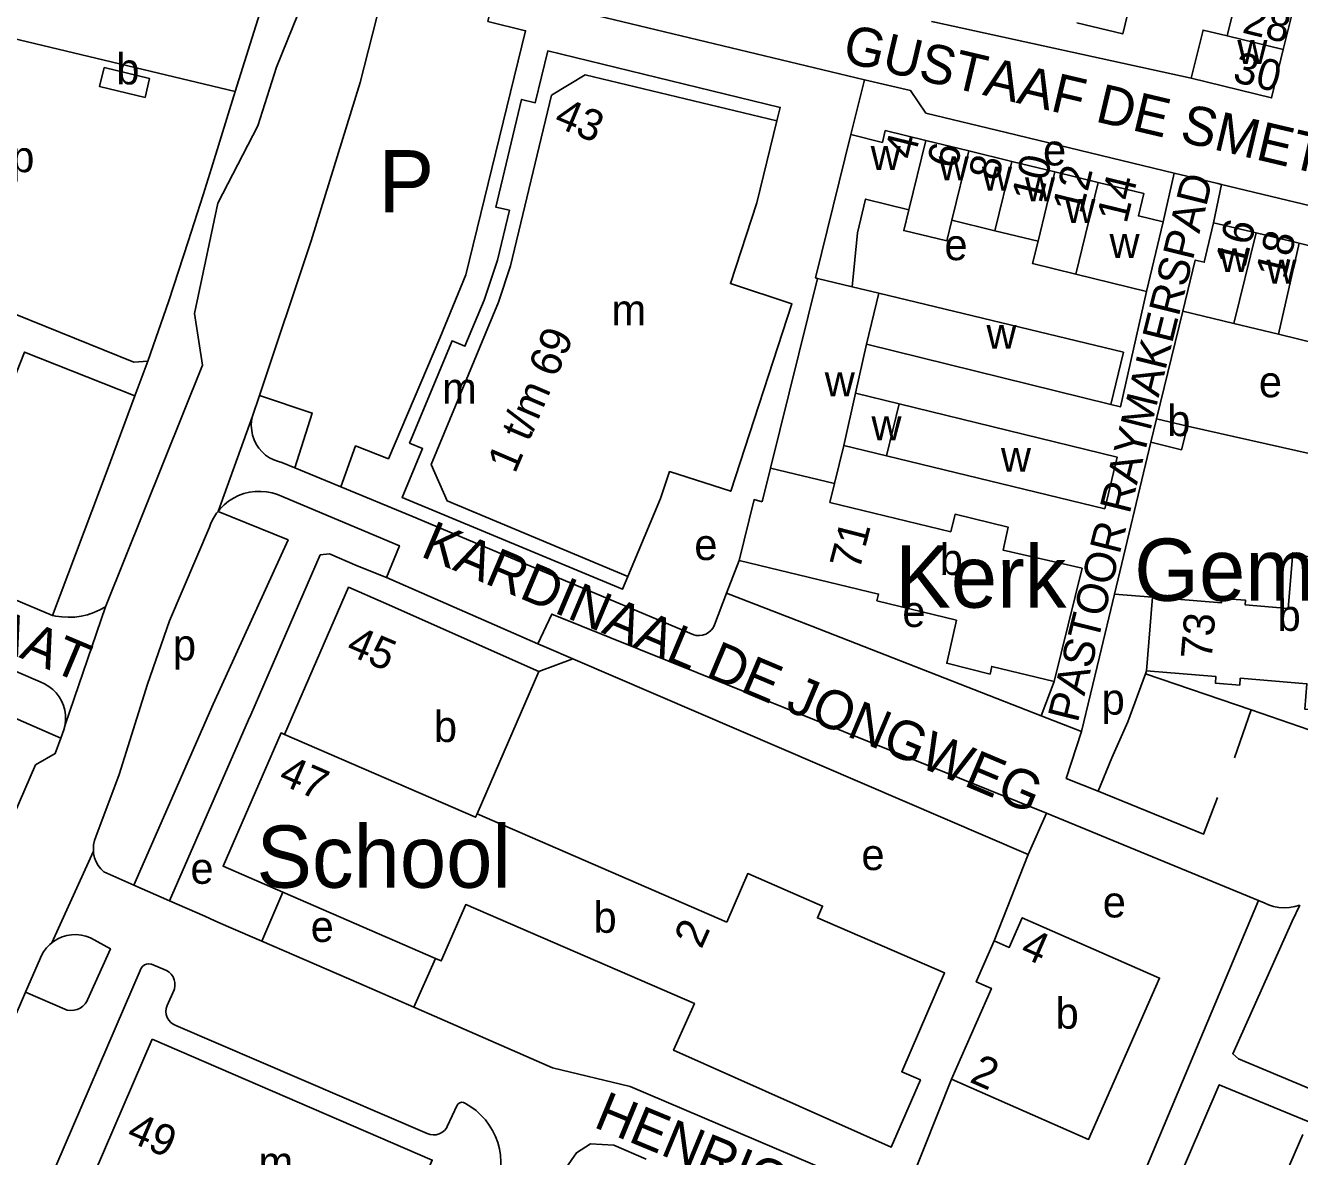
# Model space of a CAD drawing. Extents: x 162804 to 165059, y 381530 to 382901.
# Drawn here: x 163445.8 to 163609.5, y 381960.8 to 382106.1 of the extents above; entities that cross this region are included whole.
import ezdxf

# ---------------------------------------------------------------- set-up
doc = ezdxf.new("R2010")
doc.units = 0
for name, color, linetype in [('BLT_Basislijn', 7, 'Continuous'), ('BLT_Bebouwing', 7, 'Continuous'), ('BLT_Bebouwing_beschrifting', 7, 'Continuous'), ('BLT_Centroide', 7, 'Continuous'), ('BLT_Huisnummer', 7, 'Continuous'), ('BLT_Huisnummer_ tussenligend', 7, 'Continuous'), ('BLT_Huisnummer_reeks', 7, 'Continuous'), ('BLT_Onderdoorgang_en_onderverdeling', 7, 'Continuous'), ('BLT_Onderverdeling_panden', 7, 'Continuous'), ('BLT_Straatnaam', 7, 'Continuous'), ('BLT_Straatnaam_verkleind', 7, 'Continuous'), ('BLT_Tekst_parkeren', 7, 'Continuous'), ('BLT_Vlakafsluiter', 7, 'Continuous')]:
    doc.layers.add(name, color=color, linetype=linetype)

msp = doc.modelspace()

# ---------------------------------------------------------------- linework, layer by layer
at = {"layer": 'BLT_Basislijn'}
for p, q in [((163476.1, 382108.36), (163472.75, 382097.61)), ((163553.62, 382099.14), (163517.21, 382107.85)), ((163432.58, 382107.21), (163472.75, 382097.61)), ((163553.62, 382099.14), (163551.85, 382092.11)), ((163472.75, 382097.61), (163469.68, 382087.77)), ((163469.68, 382087.77), (163468.62, 382084.33)), ((163593.42, 382087.15), (163592.01, 382080.87)), ((163599.5, 382085.69), (163598.5, 382080.75)), ((163468.62, 382084.33), (163466.68, 382078.33)), ((163594.54, 382069.39), (163591.15, 382055.58)), ((163461.51, 382062.99), (163459.84, 382058.5)), ((163474.97, 382055.92), (163475.85, 382058.56)), ((163595.14, 382054.6), (163659.51, 382040.2)), ((163585.76, 382033.03), (163590.42, 382052.56)), ((163478.72, 382049.96), (163480.39, 382049.27)), ((163480.39, 382049.27), (163486.32, 382046.81)), ((163486.32, 382046.81), (163495.44, 382043.03)), ((163531.67, 382027.81), (163495.44, 382043.03)), ((163447.67, 382021.74), (163404.98, 382040.15)), ((163537.52, 382037.37), (163535.89, 382033.15)), ((163492.17, 382035.15), (163511.62, 382026.66)), ((163534.35, 382029.08), (163535.89, 382033.15)), ((163583.84, 382024.98), (163585.76, 382033.03)), ((163590.65, 382032.63), (163585.76, 382033.03)), ((163511.75, 382023.1), (163516.13, 382024.71)), ((163516.13, 382024.71), (163574.65, 381999.55)), ((163583.84, 382024.98), (163581.52, 382015.38)), ((163603.34, 382018.17), (163589.74, 382022.79)), ((163578.02, 382021.79), (163576.32, 382017.41)), ((163469.89, 382018.89), (163459.71, 381995.63)), ((163441.79, 382018.23), (163450.32, 382014.5)), ((163576.32, 382017.41), (163581.52, 382015.38)), ((163601.19, 382011.98), (163603.34, 382018.17)), ((163603.34, 382018.17), (163616.28, 382013.68)), ((163474.46, 382016.89), (163464.28, 381993.61)), ((163574.65, 381999.55), (163577.01, 382004.89)), ((163604.25, 381993.64), (163577.01, 382004.89)), ((163574.65, 381999.55), (163570.29, 381988.48)), ((163455.87, 381997.33), (163459.71, 381995.63)), ((163459.71, 381995.63), (163464.28, 381993.61)), ((163478.86, 381994.73), (163476.15, 381988.43)), ((163468.82, 381991.63), (163464.28, 381993.61)), ((163583.47, 381944.21), (163604.25, 381993.64)), ((163604.98, 381993.34), (163604.25, 381993.64)), ((163447.7, 381986.28), (163445.79, 381981.86)), ((163498.48, 381986.21), (163495.7, 381979.97)), ((163460.67, 381984.96), (163446.05, 381951.14)), ((163462, 381985.46), (163463.89, 381984.65)), ((163445.79, 381981.86), (163437.52, 381962.79)), ((163451.14, 381979.58), (163445.79, 381981.86)), ((163464.89, 381982.19), (163463.98, 381980.16)), ((163465.11, 381977.59), (163497.4, 381963.72)), ((163564.81, 381970.7), (163558.49, 381954.86)), ((163501.25, 381967.34), (163500, 381964.6))]:
    msp.add_line(p, q, dxfattribs=at)
for points in [[(163461.51, 382062.99), (163459.69, 382062.86), (163421.54, 382078.27), (163432.84, 382130.7), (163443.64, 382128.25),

****************************************

(Work order): Each line in the listing above that contains "linetype" should be copied.

(Response box):
for name, color, linetype in [('BLT_Basislijn', 7, 'Continuous'), ('BLT_Bebouwing', 7, 'Continuous'), ('BLT_Bebouwing_beschrifting', 7, 'Continuous'), ('BLT_Centroide', 7, 'Continuous'), ('BLT_Huisnummer', 7, 'Continuous'), ('BLT_Huisnummer_ tussenligend', 7, 'Continuous'), ('BLT_Huisnummer_reeks', 7, 'Continuous'), ('BLT_Onderdoorgang_en_onderverdeling', 7, 'Continuous'), ('BLT_Onderverdeling_panden', 7, 'Continuous'), ('BLT_Straatnaam', 7, 'Continuous'), ('BLT_Straatnaam_verkleind', 7, 'Continuous'), ('BLT_Tekst_parkeren', 7, 'Continuous'), ('BLT_Vlakafsluiter', 7, 'Continuous')]:
    doc.layers.add(name, color=color, linetype=linetype)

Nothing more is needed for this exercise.